Deep people can make an assortment of believable personalties. Because they themselves have many qualities that can flush out many characters.

Shallow people make movies like Twilight. They have no depth available to make a believable character... unless yer Spencer Pratt.


----------



## Verin Asper (Jul 3, 2010)

Actually Jesie you are probably right on somethings, then again my only main strive is not be generic fur with all their characters.
All my chars are nothing special, but furs tend to seek out to make their chars special, I didnt. All I can say is "I dont know you, so I cant say anything about yours being a Mary Sue, and I heavily doubt you know how I am too, so I also doubt you can call my characters Mary Sue too"


----------



## Verin Asper (Jul 3, 2010)

Jesie said:


> I'm not avoiding yer questions, you just seem to thick skulled to get what I'm telling you.
> 
> Let me tell you plainly since you can't seem to catch it any other direction:
> YOU HAVE NO PERSONALITY, YOU ARE LIKE EVERY OTHER FURRY OUT THERE WHO HAS SOME ARTISTIC ABILITY BUT NO DESIRE TO USE IT. YOU MAKE OODLES OF UNORIGINAL WOLF/DRAGON/SPAKLEDOG/HY-BREED CHARACTERS WITH HUGE TITS AND DICKS WHO ALWAYS SEEM TO FIND THEMSELVES HAVING SEX WITH NO PERSONALITY OR CHARACTER.


 wait what?

I'm pretty sure you got me mix up with someone else now


----------



## Fuzzle (Jul 3, 2010)

There is nothing wrong with picking a wolf or a fox if thats truly the one that best resonates with your personality. I didn't pick a Fox because it was popular and I didn't mix it with a rabbit to make it stand out, its the best compromise I could come up with to define a fictional character who would best visually represent me as a person. I think when you go too far and make yourself this shape shifting whatsit with glowing marks wings and all sorts of fruity flavors, you aren't being very definitive in your personality but rather you are choosing a character that is applicable for things like role playing or suiting your mood.


----------



## Jesie (Jul 3, 2010)

Mary Sue is a shell term. Anyone can be Mary Sue. Anyone can put on the Mary Sue suit and waltz into any story with any character and they instantly fall in love with her and shag her like they've never been shagged before!

Yer characters are Mary Sues. Anyone can be your characters. Anyone who's horny that's for damn sure...

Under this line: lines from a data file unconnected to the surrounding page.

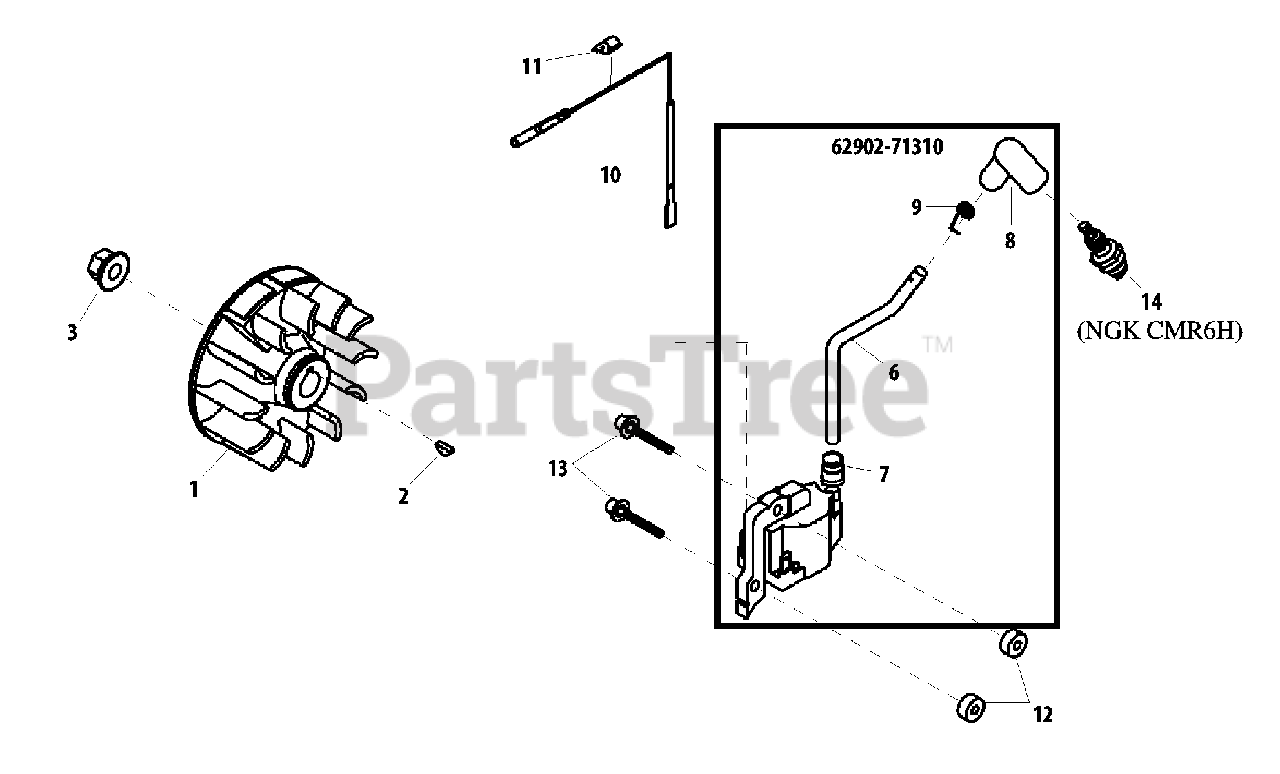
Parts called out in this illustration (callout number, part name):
1	FLYWHEEL
2	KEY - 3X10
3	NUT - 8
7	GROMMET
8	CAP, SPARK PLUG
9	TERMINAL, SPARK PLUG CAP
10	LEAD - IGNITION
11	GROMMET
12	INSULATOR
13	SCREW - 4X26
14	SPARK PLUG -- CMR-6H
62902-71310	IGNITION COIL ASSY

It sounds somewhat better then saying "Your characters are mindless shells to which I can do anything or anyone. I have no respect for this mindless shell as it serves it's purpose and afterwards is rightly discarded."


You know when the mouse got stepped on in The Green Mile, I cried. That mouse was a character whom I connected with and adored so I was obviously quite upset when I thought he was dead. And When John Coffee was sent to the chair? Sweet Jesus that was just a sad movie...

You could write a story with your characters in it and one of them could die the more horrific saddening death man has ever seen. But no one gives two shits because they're shell characters.


You as a artist should be appalled by this.


----------



## Willow (Jul 3, 2010)

What exactly is going on in here?


----------



## Jesie (Jul 3, 2010)

We adults are having a discussion...


Oh, who am I kidding?


----------



## Browder (Jul 3, 2010)

WillowWulf said:


> What exactly is going on in here?


 
That's what I wanted to know. I think one of them is accusing the other of unoriginality. This is why we can't have nice things.


----------



## Hakawne (Jul 3, 2010)

I am... me?


----------



## Verin Asper (Jul 3, 2010)

Jesie said:


> Mary Sue is a shell term. Anyone can be Mary Sue. Anyone can put on the Mary Sue suit and waltz into any story with any character and they instantly fall in love with her and shag her like they've never been shagged before!
> 
> Yer characters are Mary Sues. Anyone can be your characters. Anyone who's horny that's for damn sure...
> 
> ...



no you still got someone else on your mind cause I'm sure its not my characters you are talking about.
it seems theres some underlying rage there causing you to spout this as again I'm damn sure my characters cant easily shag ANYONES char. I'm sure my chars can't run and gun and kill everyone like Rambo either.

again since you dont really know me you cant even make this baseless assumption.

oh wait unless the 3 folks my characters have been with all the time, and each time makes me that then sure, then again I'm not one who has a char screwing a different person in each pic


----------



## Wyldfyre (Jul 3, 2010)

A close as possible.


----------



## Fuzzle (Jul 3, 2010)

Jesie said:


> Mary Sue is a shell term. Anyone can be Mary Sue. Anyone can put on the Mary Sue suit and waltz into any story with any character and they instantly fall in love with her and shag her like they've never been shagged before!
> 
> Yer characters are Mary Sues. Anyone can be your characters. Anyone who's horny that's for damn sure...
> 
> ...


 
While I don't know you or Crysix, I do completely agree with your thoughts on this subject. Too much mindless, soulless porn and not enough humanity and strong characters.


----------



## Jesie (Jul 3, 2010)

Crysix Fousen said:


> no you still got someone else on your mind cause I'm sure its not my characters you are talking about.
> it seems theres some underlying rage there causing you to spout this as again I'm damn sure my characters cant easily shag ANYONES char. I'm sure my chars can't run and gun and kill everyone like Rambo either.
> 
> again since you dont really know me you cant even make this baseless assumption.


 

I've looked at yer gallery, I can make all the assumptions I want.


----------



## Verin Asper (Jul 3, 2010)

Jesie said:


> I've looked at yer gallery, I can make all the assumptions I want.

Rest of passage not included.